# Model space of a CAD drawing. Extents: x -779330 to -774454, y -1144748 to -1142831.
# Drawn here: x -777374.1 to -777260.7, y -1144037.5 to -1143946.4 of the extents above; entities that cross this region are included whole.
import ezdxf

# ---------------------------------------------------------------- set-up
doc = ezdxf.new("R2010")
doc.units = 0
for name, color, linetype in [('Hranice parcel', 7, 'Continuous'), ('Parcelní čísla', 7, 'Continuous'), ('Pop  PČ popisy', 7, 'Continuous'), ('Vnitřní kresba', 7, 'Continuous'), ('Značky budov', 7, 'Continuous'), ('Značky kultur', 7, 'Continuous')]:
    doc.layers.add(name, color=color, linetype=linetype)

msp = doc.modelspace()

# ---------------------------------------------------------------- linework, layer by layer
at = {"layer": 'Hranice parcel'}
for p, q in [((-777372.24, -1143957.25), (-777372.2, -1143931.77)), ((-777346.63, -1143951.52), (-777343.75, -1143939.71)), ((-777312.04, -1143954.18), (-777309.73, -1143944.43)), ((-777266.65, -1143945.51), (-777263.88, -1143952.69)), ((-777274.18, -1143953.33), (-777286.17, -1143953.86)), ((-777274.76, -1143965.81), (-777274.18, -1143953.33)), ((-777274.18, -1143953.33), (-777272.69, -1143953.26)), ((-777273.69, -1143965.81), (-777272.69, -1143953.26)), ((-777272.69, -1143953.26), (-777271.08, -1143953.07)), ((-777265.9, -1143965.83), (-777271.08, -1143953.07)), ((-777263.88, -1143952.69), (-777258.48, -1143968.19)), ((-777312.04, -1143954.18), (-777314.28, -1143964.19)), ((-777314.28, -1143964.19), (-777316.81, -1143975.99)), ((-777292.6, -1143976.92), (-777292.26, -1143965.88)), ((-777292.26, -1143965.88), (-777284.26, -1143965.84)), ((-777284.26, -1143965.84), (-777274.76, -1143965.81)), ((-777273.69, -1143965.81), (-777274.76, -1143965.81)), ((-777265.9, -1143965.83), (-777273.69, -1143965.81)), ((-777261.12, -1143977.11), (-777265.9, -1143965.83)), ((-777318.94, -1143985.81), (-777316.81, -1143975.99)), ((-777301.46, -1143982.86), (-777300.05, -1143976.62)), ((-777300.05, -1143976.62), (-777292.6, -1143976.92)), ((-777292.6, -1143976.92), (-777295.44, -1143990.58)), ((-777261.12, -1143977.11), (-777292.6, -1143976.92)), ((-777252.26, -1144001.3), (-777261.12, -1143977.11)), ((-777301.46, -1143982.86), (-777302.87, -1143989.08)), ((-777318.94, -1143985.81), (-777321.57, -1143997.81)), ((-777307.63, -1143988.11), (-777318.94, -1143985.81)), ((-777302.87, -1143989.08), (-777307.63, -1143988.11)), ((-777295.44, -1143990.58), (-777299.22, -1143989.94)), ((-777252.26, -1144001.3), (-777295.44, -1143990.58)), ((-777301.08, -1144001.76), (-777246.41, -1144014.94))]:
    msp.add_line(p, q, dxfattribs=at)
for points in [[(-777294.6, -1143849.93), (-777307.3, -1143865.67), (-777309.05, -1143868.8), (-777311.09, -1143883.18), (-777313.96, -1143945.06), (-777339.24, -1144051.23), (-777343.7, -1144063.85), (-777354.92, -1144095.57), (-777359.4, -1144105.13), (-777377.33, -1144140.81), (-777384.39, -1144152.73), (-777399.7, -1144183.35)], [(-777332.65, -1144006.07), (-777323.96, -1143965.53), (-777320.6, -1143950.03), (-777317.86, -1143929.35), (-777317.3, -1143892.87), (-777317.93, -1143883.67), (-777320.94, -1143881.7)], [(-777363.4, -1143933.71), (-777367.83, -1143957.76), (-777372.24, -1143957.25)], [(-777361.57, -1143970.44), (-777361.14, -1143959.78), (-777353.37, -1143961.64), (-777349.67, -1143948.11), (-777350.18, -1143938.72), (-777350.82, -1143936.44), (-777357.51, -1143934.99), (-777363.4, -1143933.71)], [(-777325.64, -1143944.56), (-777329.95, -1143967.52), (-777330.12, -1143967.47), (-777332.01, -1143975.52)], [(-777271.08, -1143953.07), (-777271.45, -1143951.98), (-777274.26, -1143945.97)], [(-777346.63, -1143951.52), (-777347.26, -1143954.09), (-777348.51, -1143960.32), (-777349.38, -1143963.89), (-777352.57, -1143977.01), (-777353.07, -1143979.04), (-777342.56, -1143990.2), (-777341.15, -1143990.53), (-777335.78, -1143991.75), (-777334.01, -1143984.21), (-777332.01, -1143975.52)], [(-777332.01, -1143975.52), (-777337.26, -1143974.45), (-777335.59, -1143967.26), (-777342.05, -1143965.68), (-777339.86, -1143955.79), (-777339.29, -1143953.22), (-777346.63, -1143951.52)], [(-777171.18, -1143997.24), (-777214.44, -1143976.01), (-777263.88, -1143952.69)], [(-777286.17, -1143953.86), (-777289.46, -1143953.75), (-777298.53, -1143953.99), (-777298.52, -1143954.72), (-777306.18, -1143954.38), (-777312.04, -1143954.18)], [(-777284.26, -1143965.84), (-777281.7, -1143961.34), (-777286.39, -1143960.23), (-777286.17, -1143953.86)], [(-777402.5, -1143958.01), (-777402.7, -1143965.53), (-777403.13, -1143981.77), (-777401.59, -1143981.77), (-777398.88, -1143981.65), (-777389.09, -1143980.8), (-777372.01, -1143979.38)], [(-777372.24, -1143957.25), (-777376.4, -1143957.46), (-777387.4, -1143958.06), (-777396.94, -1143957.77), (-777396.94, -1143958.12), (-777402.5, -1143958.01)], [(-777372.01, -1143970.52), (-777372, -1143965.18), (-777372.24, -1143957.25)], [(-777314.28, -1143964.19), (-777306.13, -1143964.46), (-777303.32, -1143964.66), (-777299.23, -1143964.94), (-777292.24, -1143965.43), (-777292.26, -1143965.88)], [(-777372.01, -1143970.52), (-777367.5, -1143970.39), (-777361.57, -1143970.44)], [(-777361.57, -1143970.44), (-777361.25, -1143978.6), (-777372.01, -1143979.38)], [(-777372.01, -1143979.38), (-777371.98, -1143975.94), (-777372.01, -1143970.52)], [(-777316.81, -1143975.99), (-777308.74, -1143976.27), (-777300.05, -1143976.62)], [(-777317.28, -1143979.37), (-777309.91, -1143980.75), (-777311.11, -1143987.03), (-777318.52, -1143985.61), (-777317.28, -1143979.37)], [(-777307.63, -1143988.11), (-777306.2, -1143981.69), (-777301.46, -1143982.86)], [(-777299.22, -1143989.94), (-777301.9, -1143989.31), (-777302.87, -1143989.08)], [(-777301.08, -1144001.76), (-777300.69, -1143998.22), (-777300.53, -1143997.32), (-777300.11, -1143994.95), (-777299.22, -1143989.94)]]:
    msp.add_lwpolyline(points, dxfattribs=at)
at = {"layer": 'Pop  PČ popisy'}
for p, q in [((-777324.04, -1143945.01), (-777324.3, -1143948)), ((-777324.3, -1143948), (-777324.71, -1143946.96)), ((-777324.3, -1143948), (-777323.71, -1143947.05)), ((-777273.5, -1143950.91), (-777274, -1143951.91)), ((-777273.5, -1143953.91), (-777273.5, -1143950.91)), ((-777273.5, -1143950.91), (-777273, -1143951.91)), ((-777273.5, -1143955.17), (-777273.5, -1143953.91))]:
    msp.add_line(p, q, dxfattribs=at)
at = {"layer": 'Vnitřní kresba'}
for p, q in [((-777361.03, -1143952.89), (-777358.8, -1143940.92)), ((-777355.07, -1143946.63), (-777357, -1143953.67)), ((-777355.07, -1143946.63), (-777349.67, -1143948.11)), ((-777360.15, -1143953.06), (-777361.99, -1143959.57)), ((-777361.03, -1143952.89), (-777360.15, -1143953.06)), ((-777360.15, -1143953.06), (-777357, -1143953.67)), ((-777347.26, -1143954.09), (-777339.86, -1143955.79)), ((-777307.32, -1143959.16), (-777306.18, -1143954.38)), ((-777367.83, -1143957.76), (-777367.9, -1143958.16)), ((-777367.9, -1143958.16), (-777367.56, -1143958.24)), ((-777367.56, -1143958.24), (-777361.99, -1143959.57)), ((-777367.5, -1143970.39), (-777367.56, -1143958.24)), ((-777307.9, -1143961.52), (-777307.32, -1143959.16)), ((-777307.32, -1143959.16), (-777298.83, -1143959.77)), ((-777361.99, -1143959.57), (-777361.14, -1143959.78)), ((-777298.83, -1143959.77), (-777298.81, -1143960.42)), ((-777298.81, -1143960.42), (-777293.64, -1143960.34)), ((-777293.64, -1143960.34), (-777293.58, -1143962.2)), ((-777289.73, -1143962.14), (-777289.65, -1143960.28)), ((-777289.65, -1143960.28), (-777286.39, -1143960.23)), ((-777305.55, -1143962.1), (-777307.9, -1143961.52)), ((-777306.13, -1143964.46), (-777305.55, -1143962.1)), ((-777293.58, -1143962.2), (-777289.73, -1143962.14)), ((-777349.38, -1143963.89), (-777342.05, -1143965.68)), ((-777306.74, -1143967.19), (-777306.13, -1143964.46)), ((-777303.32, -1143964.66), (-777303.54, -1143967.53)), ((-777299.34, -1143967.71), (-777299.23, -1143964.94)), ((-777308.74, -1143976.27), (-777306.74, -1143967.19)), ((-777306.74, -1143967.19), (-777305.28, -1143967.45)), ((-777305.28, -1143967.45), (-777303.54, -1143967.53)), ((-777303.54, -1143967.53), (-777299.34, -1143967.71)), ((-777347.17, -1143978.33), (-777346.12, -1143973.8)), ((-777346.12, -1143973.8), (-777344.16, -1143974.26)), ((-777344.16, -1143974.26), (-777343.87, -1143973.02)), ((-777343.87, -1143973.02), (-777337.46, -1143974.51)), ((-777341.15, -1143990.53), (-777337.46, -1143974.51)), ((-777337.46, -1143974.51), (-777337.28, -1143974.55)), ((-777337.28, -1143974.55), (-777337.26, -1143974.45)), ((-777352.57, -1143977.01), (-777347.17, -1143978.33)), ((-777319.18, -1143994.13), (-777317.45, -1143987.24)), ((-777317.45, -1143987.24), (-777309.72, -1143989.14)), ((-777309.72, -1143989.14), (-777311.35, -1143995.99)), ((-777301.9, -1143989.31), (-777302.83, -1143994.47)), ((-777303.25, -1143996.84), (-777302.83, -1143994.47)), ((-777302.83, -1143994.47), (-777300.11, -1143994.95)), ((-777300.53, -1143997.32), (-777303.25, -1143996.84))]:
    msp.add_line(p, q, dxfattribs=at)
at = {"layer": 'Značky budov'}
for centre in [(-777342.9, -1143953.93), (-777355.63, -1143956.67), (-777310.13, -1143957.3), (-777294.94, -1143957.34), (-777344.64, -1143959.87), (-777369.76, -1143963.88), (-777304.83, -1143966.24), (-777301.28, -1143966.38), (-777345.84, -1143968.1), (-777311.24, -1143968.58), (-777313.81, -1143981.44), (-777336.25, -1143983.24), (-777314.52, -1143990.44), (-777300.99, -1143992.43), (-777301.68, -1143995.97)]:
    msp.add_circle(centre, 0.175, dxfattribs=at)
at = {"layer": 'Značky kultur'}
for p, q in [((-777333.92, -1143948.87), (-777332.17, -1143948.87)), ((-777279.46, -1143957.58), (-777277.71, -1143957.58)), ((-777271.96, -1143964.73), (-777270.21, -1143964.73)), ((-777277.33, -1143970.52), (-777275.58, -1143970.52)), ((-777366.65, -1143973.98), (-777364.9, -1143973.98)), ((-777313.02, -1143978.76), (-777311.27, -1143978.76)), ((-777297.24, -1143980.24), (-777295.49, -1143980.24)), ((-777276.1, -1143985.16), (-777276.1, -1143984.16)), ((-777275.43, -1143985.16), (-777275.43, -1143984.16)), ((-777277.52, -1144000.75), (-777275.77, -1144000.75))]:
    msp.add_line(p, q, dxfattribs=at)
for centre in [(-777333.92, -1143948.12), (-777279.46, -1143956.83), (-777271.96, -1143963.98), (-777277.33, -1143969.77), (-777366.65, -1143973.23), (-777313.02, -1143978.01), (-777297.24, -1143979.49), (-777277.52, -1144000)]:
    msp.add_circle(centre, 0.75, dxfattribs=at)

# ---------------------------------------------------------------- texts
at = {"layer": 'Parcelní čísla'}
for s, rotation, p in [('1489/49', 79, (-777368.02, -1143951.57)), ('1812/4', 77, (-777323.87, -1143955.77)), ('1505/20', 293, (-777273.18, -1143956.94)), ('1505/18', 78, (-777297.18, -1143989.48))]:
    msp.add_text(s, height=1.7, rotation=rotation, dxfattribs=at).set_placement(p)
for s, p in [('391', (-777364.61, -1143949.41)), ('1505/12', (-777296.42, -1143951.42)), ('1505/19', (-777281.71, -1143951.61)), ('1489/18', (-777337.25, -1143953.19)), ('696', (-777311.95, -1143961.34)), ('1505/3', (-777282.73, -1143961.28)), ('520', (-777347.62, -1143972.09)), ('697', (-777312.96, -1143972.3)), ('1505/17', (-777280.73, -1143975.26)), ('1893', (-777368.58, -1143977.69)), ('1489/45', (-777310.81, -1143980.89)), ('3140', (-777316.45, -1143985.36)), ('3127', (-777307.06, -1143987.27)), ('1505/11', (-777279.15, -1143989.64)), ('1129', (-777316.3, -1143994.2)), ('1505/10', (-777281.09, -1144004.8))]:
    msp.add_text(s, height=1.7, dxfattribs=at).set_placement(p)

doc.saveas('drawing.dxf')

----------------

Extract all lines from the material above that include the word "čísla".

Response below:
for name, color, linetype in [('Hranice parcel', 7, 'Continuous'), ('Parcelní čísla', 7, 'Continuous'), ('Pop  PČ popisy', 7, 'Continuous'), ('Vnitřní kresba', 7, 'Continuous'), ('Značky budov', 7, 'Continuous'), ('Značky kultur', 7, 'Continuous')]:
at = {"layer": 'Parcelní čísla'}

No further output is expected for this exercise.